Many people are surprised to learn that a medical diagnosis does not always explain why something is happening. Often, it simply describes what is being observed.
ADHD is a clear example of this problem.
A group of behaviors - difficulty sustaining attention, impulsivity, restlessness, emotional reactivity - are observed together. These behaviors are then given a name. Once named, that label is treated as the cause of the very symptoms it was created to describe. Attention problems are explained by ADHD, even though ADHD itself is defined by attention problems.
This is circular reasoning, and it quietly shapes how patients understand themselves.
The “disease delusion”
This term was introduced in Jeffrey Bland’s 2014 book The Disease Delusion, a book that challenges the way modern medicine often turns symptom patterns into standalone diseases. The concern is not that symptoms aren’t real - they are. The concern is that naming a pattern can prematurely end the search for cause.
When a descriptive label replaces curiosity, the diagnosis becomes a stopping point instead of a starting point.
A question that changed how I think about ADHD
Years ago, while calling in a prescription for an amphetamine-based medication, a pharmacist paused and asked, “Why is everyone on amphetamines these days?”
It was an honest question. Amphetamines are powerful nervous system stimulants. We now prescribe them broadly to children and adults so they can focus, regulate emotions, and function day to day.
Human neurobiology has not changed dramatically in one generation.

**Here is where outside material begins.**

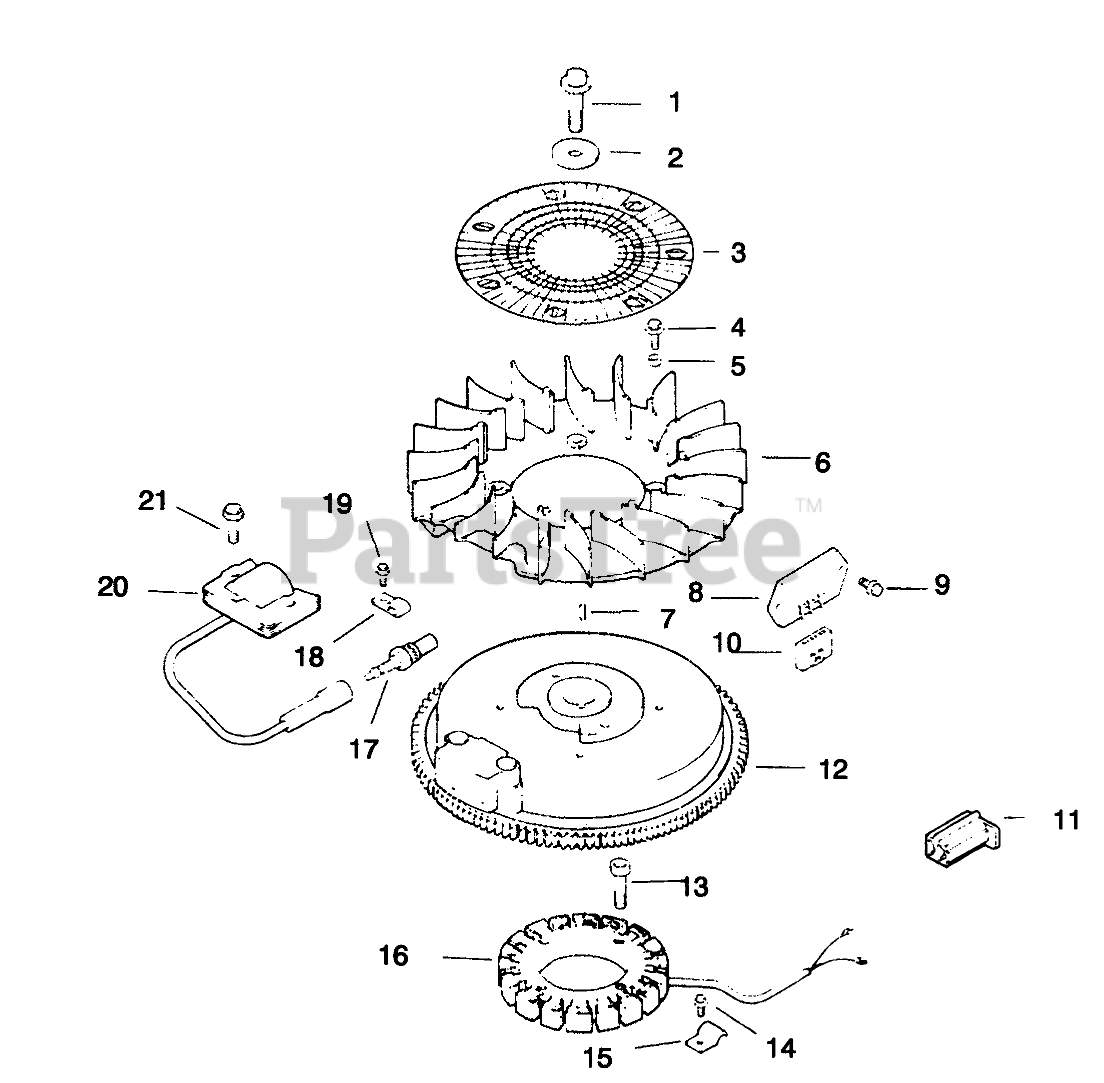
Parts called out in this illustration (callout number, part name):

When a growing percentage of people require stimulant medication just to meet baseline expectations, it makes sense to ask what pressures are shaping the nervous system in this direction.

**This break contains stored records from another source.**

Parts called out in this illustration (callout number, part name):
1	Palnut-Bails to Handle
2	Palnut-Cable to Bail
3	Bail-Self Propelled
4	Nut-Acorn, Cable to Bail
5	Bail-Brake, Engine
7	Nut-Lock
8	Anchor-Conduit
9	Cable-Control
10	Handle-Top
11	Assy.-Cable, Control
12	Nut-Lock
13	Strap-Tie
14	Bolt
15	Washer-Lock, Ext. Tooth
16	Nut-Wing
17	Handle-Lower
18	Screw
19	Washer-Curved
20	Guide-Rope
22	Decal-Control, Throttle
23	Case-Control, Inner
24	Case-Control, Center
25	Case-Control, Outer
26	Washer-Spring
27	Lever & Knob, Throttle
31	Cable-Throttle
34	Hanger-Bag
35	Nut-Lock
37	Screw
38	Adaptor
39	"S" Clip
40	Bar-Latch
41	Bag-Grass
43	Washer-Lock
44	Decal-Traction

ADHD as a common downstream pattern
In patients with chronic illness, attention problems often arise alongside other physiologic stressors. These may include chronic infection, immune activation that does not resolve, disrupted sleep, nutrient depletion, gut dysregulation, autonomic instability, or toxic exposure.
Within the IACIRS framework - infection-associated chronic inflammatory response syndrome - this pattern is predictable. When the immune system remains chronically activated, the brain adapts. Energy is conserved. Regulatory bandwidth narrows. Executive function becomes inconsistent.
The behaviors fit ADHD criteria, but the driver lies upstream.
Why stimulant medications can help - and why they often fall short
Stimulant medications increase dopamine and norepinephrine signaling. This can improve focus and impulse control, sometimes dramatically. For many patients, this support is meaningful, especially early on.
What these medications do not do is explain why the brain needed pharmacologic stimulation in the first place. When inflammation, sleep disruption, folate or iron abnormalities, gut-driven immune signaling, or chronic infection remain active, medication compensates for an ongoing problem rather than resolving it.
This helps explain why side effects, tolerance, emotional flattening, sleep disturbance, and difficulty tapering are so common. The nervous system is still under load.
What I see when root causes are addressed
This is where circular reasoning begins to unravel.
I have worked with many patients who initially met criteria for ADHD and later found they no longer needed stimulant medication once key drivers were identified and treated. The pathways were different.
One patient had evidence of impaired cerebral folate availability. After starting folinic acid, which bypasses common folate transport and conversion barriers, attention and emotional regulation improved steadily. Over time, stimulant medication was reduced and eventually stopped.
(That physiology is explored in more depth here:
https://www.restorativemedcenter.com/blogs/folinic-acid-the-unsung-hero-for-iacirs-recovery)
Another patient’s attention improved as Candida overgrowth was addressed and gut-driven immune activation settled.
In a different case, significant ADHD symptoms softened only after Bartonella was identified and treated. Cognitive noise and internal restlessness improved in parallel with infectious burden.
These patients did not share a single cause. What they shared was a symptom pattern that made sense once the underlying physiology was uncovered.
Many pathways, one familiar label
There is no single root cause for ADHD-type symptoms. Nutrient handling, immune signaling, gut ecology, infections, sleep quality, and stress physiology can all converge on the same outward presentation.
When we stop at the diagnostic label, those pathways remain hidden. When we look upstream, they become addressable.
A more useful place to begin
Rather than asking whether someone meets criteria for ADHD, I find it more helpful to explore questions like:
- When did attention problems begin?
- What else was happening in the body at that time?
- Do symptoms fluctuate with sleep, illness, inflammation, or treatment?
- What improves attention indirectly?
These questions almost always reveal a story. That story matters more than the label.
Stepping out of the loop
ADHD describes a pattern. It does not explain why that pattern developed. When we treat the description as the cause, we stay stuck in a loop. When we ask what is driving the nervous system into this state, we open the door to real change.
For many patients, attention problems are not a permanent trait or a fixed identity. They are a reflection of physiology under strain. As that strain eases, attention often follows.
That shift - from naming symptoms to understanding causes - is when real healing begins.